Rubber farming has been blamed for a dramatic decline in fog frequency in the region.
The Asian Development Bank reports that each hectare of rubber plantation in its Xishuangbanna study area loses an estimated 22.5 tons of soil per year to erosion, and 136.5 tons of water through shrinking groundwater tables. “It’s no surprise that if there’s no consideration of forest protection, then in the next 25 years Xishuangbanna is going to be much drier in the lowlands,” says Zhuang-Fang Yi, the World Agroforestry Centre researcher who is analyzing hydrological changes in the prefecture.
The government has outlined in a recent five-year plan a program to convert under-performing rubber plantations back to natural forest while also planting trees along stream beds to prevent erosion and restore animal and bird habitats. However, Janet Sturgeon of Canada’s Simon Fraser University says the program should target state-owned or state-affiliated rubber companies, but that likely would clash with the political status quo.
“The prefecture government has woken up to the environmental impacts of rubber, but they still want to plant rubber,” says Sturgeon, who has conducted extensive fieldwork in Xishuangbanna. “Their motivation… for their salaries and careers comes from increasing economic growth.”
But some scientists say they are more optimistic that Xishuangbanna can embrace a more holistic approach to rubber cultivation that offers both smallholders and state-owned or -affiliated rubber companies incentives to green their practice. In particular, they suggest intermixing rubber with crops like rice, cacao, coffee, and tea as a way to lessen ecological impacts while sustaining profits and farmer livelihoods. Diversified planting ultimately will be in China’s best interests if it wants to keep its rubber safe from diseases like South American leaf blight, which has devastated rubber crops on that continent, says Gerhard Langenberger, a botanist at the University of Hohenheim in Germany.
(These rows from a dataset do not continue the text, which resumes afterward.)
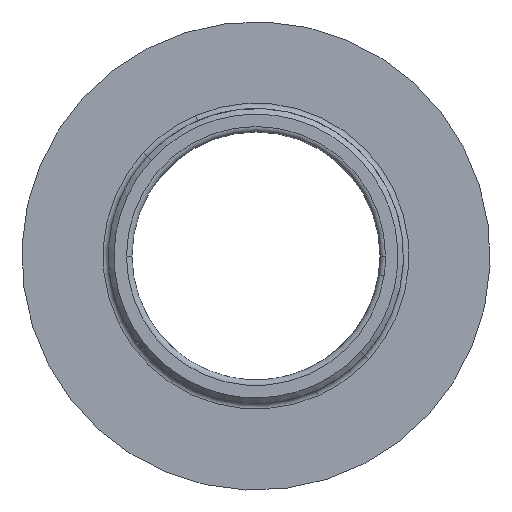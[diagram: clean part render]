
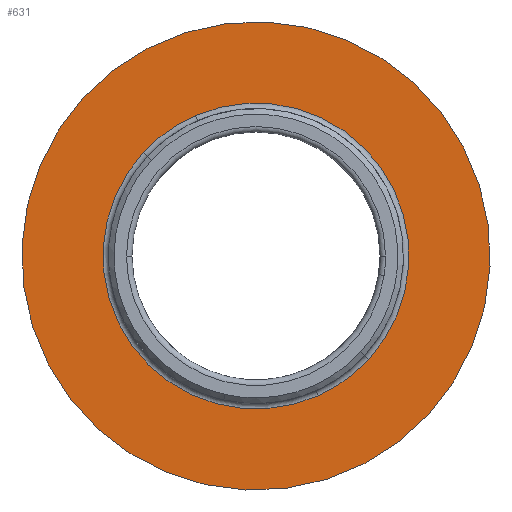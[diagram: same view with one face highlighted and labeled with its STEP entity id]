
A CAD part, front view. The second image highlights one B-rep face of the part: STEP entity #631.
In plain terms, the highlighted planar face has unit normal (0, -1, 0).
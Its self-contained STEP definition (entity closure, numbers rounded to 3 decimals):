
#62=AXIS2_PLACEMENT_3D('Circle Axis2P3D',#60,#61,$) ;
#522=AXIS2_PLACEMENT_3D('Circle Axis2P3D',#520,#521,$) ;
#560=AXIS2_PLACEMENT_3D('Circle Axis2P3D',#558,#559,$) ;
#577=AXIS2_PLACEMENT_3D('Circle Axis2P3D',#575,#576,$) ;
#601=AXIS2_PLACEMENT_3D('Circle Axis2P3D',#599,#600,$) ;
#614=AXIS2_PLACEMENT_3D('Plane Axis2P3D',#611,#612,#613) ;
#618=AXIS2_PLACEMENT_3D('Circle Axis2P3D',#616,#617,$) ;
#43=CARTESIAN_POINT('Vertex',(6.262,-380.805,-76.234)) ;
#57=CARTESIAN_POINT('Vertex',(-6.262,-380.805,-64.739)) ;
#60=CARTESIAN_POINT('Axis2P3D Location',(0.,-380.805,-70.486)) ;
#520=CARTESIAN_POINT('Axis2P3D Location',(0.,-380.805,-70.486)) ;
#524=CARTESIAN_POINT('Vertex',(-4.089,-380.805,-66.734)) ;
#526=CARTESIAN_POINT('Vertex',(-2.193,-380.805,-65.388)) ;
#555=CARTESIAN_POINT('Vertex',(4.089,-380.805,-74.239)) ;
#558=CARTESIAN_POINT('Axis2P3D Location',(0.,-380.805,-70.486)) ;
#575=CARTESIAN_POINT('Axis2P3D Location',(0.,-380.805,-70.486)) ;
#579=CARTESIAN_POINT('Vertex',(2.261,-380.805,-75.555)) ;
#599=CARTESIAN_POINT('Axis2P3D Location',(0.,-380.805,-70.486)) ;
#611=CARTESIAN_POINT('Axis2P3D Location',(0.,-380.805,-70.486)) ;
#616=CARTESIAN_POINT('Axis2P3D Location',(0.,-380.805,-70.486)) ;
#61=DIRECTION('Axis2P3D Direction',(0.,-1.,0.)) ;
#521=DIRECTION('Axis2P3D Direction',(-0.,-1.,0.)) ;
#559=DIRECTION('Axis2P3D Direction',(0.,-1.,0.)) ;
#576=DIRECTION('Axis2P3D Direction',(0.,-1.,0.)) ;
#600=DIRECTION('Axis2P3D Direction',(0.,-1.,0.)) ;
#612=DIRECTION('Axis2P3D Direction',(0.,-1.,0.)) ;
#613=DIRECTION('Axis2P3D XDirection',(0.737,0.,-0.676)) ;
#617=DIRECTION('Axis2P3D Direction',(0.,-1.,0.)) ;
#622=ORIENTED_EDGE('',*,*,#64,.T.) ;
#623=ORIENTED_EDGE('',*,*,#620,.T.) ;
#626=ORIENTED_EDGE('',*,*,#528,.T.) ;
#627=ORIENTED_EDGE('',*,*,#562,.T.) ;
#628=ORIENTED_EDGE('',*,*,#581,.T.) ;
#629=ORIENTED_EDGE('',*,*,#603,.T.) ;
#630=FACE_BOUND('',#625,.T.) ;
#631=ADVANCED_FACE('\X2\987690E85BC65C01652F64915708\X0\.1\\\X2\96F64EF651E04F554F53\X0\',(#624,#630),#615,.T.) ;
#63=CIRCLE('generated circle',#62,8.5) ;
#523=CIRCLE('generated circle',#522,5.55) ;
#561=CIRCLE('generated circle',#560,5.55) ;
#578=CIRCLE('generated circle',#577,5.55) ;
#602=CIRCLE('generated circle',#601,5.55) ;
#619=CIRCLE('generated circle',#618,8.5) ;
#64=EDGE_CURVE('',#44,#58,#63,.T.) ;
#528=EDGE_CURVE('',#525,#527,#523,.F.) ;
#562=EDGE_CURVE('',#527,#556,#561,.F.) ;
#581=EDGE_CURVE('',#556,#580,#578,.F.) ;
#603=EDGE_CURVE('',#580,#525,#602,.F.) ;
#620=EDGE_CURVE('',#58,#44,#619,.T.) ;
#621=EDGE_LOOP('',(#622,#623)) ;
#625=EDGE_LOOP('',(#626,#627,#628,#629)) ;
#624=FACE_OUTER_BOUND('',#621,.T.) ;
#615=PLANE('Plane',#614) ;
#44=VERTEX_POINT('',#43) ;
#58=VERTEX_POINT('',#57) ;
#525=VERTEX_POINT('',#524) ;
#527=VERTEX_POINT('',#526) ;
#556=VERTEX_POINT('',#555) ;
#580=VERTEX_POINT('',#579) ;

Zhou Fabei, the Hunan province native who moved to Xishuangbanna in the early days of its rubber boom, says he is grateful for the economic benefits that rubber has brought to him and his family. But he also knows the landscape, and acknowledges that the signs of ecological damage are increasingly apparent. “Rubber requires so much water that humidity’s decreasing, and it’s getting hotter,” he said recently in a village near Jinhong. “And because we cut the forests down, the animals ran away.”